The origin of Bubble Man is an example of double-plagiarism.  Not only is Bubble Man a boss from Mega Man 2, but the design of *my* Bubble Man was ripped off from the Sega Genesis game Vectorman, of which I was a huge fan.  Composing a character out of spheres was easy to draw, and I thought it looked 'hella dope.'  Thus Bubble Man emerged from my half-original imagination.

The video game Vectorman came out in 1995, which makes this issue of SITM at least that old.  I didn't own Vectorman until some time after that, but I do recall renting it from a video store.  The nostalgia is so rich and thick, I could spread it on a cronut.   

Page 3

Action!  Danger!  Bubbles!
Instead of fighting Bubble Man, I decide to leave for some reason.  I run toward the exit, which appears to be a pair of glass doors.  I guess I was fighting Bubble Man in a department store or something.
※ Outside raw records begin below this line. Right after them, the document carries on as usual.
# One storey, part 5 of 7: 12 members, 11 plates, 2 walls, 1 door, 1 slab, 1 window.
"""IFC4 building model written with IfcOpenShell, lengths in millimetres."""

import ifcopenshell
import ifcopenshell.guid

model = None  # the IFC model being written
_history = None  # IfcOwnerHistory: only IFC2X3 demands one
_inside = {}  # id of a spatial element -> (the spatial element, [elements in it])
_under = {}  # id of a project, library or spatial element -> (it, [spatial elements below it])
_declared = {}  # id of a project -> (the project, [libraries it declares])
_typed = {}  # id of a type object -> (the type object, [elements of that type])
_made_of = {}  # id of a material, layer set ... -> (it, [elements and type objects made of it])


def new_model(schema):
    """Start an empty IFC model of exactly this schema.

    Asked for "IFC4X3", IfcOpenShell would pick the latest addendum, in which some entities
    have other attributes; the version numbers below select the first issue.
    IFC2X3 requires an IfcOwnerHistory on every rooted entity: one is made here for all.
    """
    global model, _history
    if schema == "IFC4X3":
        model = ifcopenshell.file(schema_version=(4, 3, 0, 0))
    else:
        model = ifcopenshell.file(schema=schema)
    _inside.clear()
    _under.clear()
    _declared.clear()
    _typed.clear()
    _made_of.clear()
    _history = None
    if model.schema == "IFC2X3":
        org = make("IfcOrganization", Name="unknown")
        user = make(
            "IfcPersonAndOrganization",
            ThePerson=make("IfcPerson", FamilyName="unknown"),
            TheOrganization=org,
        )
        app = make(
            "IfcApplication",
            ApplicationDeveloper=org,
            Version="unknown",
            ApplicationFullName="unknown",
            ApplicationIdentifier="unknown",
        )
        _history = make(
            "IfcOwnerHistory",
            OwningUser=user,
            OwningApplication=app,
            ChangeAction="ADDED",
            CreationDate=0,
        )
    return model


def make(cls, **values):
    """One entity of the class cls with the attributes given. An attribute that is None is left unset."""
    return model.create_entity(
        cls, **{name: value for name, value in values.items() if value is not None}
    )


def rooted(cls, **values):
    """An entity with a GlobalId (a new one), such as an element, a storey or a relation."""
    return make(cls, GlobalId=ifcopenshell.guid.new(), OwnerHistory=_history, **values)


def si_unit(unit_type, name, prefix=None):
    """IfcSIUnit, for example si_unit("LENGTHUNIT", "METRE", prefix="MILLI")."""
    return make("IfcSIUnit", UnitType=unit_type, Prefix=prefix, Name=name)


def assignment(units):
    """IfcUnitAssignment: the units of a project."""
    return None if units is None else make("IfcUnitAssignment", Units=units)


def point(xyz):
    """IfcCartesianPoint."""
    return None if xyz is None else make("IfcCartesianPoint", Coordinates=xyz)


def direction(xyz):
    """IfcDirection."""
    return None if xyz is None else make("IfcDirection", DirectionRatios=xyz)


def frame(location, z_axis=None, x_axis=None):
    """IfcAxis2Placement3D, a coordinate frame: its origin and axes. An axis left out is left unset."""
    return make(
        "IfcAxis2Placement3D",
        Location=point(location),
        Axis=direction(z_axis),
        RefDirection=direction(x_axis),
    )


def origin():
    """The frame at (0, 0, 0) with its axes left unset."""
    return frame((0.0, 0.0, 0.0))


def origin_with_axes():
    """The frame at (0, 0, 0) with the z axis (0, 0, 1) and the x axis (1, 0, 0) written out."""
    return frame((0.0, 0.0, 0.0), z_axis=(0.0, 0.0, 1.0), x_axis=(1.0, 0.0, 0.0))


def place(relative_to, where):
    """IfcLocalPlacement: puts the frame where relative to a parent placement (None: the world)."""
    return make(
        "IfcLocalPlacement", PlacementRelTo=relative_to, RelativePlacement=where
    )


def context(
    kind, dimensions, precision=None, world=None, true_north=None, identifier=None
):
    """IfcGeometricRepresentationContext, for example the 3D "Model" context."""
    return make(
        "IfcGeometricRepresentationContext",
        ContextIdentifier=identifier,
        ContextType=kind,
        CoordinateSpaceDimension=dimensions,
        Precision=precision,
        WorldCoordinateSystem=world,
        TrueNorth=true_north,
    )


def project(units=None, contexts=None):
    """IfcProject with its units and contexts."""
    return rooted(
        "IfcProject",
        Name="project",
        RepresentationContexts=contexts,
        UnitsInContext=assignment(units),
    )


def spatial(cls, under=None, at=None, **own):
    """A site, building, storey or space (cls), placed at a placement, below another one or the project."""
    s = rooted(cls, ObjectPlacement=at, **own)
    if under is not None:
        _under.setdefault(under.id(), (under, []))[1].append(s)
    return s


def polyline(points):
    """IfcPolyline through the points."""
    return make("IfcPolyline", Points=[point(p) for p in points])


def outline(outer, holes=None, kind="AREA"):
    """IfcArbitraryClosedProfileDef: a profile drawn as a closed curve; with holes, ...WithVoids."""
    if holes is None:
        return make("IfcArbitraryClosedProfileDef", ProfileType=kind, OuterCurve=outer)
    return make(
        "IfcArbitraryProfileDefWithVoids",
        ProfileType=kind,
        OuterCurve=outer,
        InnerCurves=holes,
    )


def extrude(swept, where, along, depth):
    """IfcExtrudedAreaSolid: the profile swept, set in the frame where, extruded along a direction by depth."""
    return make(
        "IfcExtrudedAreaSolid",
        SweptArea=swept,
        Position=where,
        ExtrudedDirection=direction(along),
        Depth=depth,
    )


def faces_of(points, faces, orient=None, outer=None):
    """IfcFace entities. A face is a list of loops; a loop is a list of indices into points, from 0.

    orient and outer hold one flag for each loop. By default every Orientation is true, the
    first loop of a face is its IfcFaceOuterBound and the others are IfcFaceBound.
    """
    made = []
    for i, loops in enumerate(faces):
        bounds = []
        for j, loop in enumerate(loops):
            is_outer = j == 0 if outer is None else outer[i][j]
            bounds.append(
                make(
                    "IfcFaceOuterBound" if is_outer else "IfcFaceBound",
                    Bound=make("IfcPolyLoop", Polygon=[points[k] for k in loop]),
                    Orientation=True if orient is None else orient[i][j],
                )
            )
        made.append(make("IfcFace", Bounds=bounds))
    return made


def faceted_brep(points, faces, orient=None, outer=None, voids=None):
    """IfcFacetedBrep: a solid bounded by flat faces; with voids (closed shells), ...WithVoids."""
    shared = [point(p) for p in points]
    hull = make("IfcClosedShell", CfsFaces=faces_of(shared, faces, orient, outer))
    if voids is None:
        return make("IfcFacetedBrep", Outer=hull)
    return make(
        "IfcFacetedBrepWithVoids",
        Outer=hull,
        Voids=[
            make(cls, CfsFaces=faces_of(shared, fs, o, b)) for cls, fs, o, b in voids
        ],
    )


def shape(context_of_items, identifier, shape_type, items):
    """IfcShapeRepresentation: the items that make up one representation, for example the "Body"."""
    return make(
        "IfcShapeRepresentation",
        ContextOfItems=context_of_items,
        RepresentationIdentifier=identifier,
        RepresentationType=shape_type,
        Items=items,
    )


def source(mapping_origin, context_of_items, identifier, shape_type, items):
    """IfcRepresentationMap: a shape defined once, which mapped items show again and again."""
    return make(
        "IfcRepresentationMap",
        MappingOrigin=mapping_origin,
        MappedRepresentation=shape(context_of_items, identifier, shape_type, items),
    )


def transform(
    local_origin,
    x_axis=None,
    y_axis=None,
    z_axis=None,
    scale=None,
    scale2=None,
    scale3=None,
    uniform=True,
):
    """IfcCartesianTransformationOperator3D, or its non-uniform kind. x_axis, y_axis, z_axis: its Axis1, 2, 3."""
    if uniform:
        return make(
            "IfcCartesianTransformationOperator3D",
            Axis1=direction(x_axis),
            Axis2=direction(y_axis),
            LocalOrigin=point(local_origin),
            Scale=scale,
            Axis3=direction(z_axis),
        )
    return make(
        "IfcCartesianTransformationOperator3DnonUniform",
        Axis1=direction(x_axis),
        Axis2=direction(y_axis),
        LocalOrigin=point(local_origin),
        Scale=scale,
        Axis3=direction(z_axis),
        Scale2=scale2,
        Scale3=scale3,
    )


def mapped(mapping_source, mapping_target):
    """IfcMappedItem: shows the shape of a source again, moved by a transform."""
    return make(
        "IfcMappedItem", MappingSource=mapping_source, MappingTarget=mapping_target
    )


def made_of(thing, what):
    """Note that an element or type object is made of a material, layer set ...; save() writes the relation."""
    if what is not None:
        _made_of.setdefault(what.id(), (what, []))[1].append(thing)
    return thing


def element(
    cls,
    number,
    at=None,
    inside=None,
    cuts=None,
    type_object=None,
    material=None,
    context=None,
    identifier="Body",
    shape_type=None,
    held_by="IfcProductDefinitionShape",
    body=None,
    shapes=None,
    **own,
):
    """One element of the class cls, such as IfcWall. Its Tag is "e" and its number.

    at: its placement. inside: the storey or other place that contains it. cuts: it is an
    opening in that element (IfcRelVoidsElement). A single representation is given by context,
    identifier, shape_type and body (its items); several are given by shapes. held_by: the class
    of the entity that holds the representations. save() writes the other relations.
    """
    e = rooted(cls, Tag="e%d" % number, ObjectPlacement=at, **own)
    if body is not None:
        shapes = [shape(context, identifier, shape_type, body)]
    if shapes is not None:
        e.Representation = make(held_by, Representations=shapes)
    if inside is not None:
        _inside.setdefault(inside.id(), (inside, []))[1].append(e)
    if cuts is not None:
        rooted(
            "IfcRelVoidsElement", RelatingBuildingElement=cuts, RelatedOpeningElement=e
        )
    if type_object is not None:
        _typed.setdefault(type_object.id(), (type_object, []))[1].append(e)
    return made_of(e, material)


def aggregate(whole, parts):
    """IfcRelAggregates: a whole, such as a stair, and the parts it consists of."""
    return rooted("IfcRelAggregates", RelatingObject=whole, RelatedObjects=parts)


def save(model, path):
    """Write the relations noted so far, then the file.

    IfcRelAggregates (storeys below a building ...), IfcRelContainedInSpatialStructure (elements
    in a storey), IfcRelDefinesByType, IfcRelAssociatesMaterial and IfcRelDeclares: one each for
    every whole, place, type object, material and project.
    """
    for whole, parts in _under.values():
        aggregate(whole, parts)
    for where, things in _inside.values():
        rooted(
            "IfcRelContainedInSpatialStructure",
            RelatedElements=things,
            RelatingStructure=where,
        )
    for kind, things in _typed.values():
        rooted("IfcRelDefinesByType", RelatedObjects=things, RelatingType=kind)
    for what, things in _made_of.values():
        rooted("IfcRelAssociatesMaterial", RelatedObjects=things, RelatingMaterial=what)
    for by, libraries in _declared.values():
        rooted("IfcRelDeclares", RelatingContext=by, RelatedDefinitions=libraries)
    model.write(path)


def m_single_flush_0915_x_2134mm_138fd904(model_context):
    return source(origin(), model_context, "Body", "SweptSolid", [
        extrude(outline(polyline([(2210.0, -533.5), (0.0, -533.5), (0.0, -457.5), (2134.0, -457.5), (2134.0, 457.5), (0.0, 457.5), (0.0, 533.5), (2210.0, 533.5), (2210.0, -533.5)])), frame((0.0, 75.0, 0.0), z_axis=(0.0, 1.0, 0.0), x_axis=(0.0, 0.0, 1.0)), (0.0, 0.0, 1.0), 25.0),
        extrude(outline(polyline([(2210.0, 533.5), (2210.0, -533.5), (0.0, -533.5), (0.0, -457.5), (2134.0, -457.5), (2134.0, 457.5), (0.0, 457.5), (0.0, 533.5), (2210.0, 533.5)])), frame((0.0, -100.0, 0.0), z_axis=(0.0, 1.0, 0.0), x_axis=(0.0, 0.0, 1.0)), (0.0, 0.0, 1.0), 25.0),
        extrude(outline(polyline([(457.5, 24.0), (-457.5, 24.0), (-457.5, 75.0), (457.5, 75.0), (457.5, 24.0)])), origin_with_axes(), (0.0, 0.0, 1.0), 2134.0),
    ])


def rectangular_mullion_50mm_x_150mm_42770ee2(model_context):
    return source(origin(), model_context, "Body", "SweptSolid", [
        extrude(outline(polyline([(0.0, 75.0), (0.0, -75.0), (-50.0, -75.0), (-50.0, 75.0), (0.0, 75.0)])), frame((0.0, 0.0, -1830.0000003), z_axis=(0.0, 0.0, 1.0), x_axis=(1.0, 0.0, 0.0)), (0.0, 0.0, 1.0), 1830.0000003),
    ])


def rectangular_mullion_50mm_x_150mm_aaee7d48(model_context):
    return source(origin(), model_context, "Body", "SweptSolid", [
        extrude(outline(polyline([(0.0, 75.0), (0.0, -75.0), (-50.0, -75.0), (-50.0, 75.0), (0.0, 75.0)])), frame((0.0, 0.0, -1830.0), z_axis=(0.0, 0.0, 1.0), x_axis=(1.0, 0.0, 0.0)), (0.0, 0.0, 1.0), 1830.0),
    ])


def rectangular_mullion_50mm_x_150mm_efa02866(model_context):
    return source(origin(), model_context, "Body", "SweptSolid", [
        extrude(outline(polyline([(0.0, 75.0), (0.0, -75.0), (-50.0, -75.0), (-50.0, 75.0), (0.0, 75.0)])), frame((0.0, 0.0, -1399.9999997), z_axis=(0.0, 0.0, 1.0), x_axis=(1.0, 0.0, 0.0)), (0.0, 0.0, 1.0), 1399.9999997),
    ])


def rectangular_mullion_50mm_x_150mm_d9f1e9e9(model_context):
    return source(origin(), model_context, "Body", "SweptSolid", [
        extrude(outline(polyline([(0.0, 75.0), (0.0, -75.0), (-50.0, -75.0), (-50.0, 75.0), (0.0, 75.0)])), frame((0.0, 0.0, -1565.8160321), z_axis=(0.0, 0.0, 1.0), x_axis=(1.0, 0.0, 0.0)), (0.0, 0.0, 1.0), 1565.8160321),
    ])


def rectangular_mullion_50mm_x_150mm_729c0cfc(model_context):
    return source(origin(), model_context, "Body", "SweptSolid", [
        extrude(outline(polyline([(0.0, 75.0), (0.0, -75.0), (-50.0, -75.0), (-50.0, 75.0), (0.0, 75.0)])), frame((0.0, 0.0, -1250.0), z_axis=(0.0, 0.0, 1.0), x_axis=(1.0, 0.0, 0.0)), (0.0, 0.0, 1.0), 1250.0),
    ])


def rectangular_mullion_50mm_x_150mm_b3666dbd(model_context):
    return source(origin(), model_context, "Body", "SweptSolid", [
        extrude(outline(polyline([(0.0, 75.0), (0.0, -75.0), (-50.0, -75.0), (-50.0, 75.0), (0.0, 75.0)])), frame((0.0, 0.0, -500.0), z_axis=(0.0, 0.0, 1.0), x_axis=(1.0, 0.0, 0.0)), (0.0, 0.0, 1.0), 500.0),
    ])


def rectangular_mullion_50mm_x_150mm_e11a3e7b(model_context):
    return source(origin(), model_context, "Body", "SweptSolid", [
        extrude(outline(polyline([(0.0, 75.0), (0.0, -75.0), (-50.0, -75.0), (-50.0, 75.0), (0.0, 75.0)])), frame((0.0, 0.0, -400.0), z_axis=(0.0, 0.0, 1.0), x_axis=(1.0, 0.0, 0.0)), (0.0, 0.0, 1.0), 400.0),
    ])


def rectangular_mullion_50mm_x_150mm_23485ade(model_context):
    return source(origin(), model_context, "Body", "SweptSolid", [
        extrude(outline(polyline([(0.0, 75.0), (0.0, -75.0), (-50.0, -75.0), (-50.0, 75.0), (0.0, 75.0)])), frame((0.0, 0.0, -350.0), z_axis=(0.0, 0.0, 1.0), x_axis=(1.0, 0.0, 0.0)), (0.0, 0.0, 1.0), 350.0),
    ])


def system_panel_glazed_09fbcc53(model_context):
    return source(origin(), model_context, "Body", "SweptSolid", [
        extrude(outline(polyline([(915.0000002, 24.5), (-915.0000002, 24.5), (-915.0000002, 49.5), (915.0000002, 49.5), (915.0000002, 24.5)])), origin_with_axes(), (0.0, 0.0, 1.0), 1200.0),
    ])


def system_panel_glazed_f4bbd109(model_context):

However, Bubble Man fires a green bubble from his hand, which traps me inside.  Oh no!

I can't be certain, but the mechanics of this 'entrapment bubble' remind me of the Martian ray gun from the Sega Genesis game Zombies Ate My Neighbors.  Starting to see a pattern?  Basically, I would play a video game on my Genesis, fall in love with it, and inevitably ape it in my crappy comic books.  Mimicry is the sincerest form of flattery, or so I've been told.

Page 4

PUNS!
Trapped inside the bubble, I produce a... thing.  This somehow turns my body into clay, which prompts an awful pun.  "It's clay time" indeed.

The little remote-control thing pops up several times throughout SITM.  I'm not sure where it came from, or if I ever bothered to explain its origin.  It's a remote control that can transform the composition of my body.  In this instance, it turns me into clay.  I may or may not have stolen this from the Batman cartoon villain Clayface.  God damn he was horrifying.

Dat transform sequence though!

Page 5

MORE PUNS
Using my clay... powers, I turn my arm into a sharp point and pop my bubble prison.  Bubble Man's bubble is 'poped.' (sic)

I like to imagine the Pope reading this and his hat flies off his head in outrage.  

Page 6

-_-
The lined paper and previous page bleed through make this page hard to make out.  Using my clay needle-arm, I pop Bubble Man's legs (and feet).  Bubble Man is understandably upset by this.

Page 7

REPEATING PUNS
His vague plans foiled, Bubble Man bounces upwards, breaking through the ceiling and shouting that he'll be back.  I end the issue by repeating the same lame pun I made two pages earlier, with the same spelling mistake, no less.  

I'm puzzled by Bubble Man.  Despite his threat, he never does return.  Even though he's made out of bubbles, he can smash through the roof of wherever I was fighting him by the power of his bouncing upper torso alone.  Despite this seeming resiliency, I was still able to amputate him with a clay needle arm.  

Did Bubble Man work for Dark One?  Or was he seeking world conquest on his own?  How exactly was I interfering with his plans?  It seems I had just stumbled into him at a Macy's or something.  Remember, I'm fighting to save the UNIVERSE, so Bubble Man might have been an avatar of Yog-Sothoth or something.

There.  That's canon now.  Bubble Man = The Lurker at the Threshold.  Half-Life 3 CONFIRMED.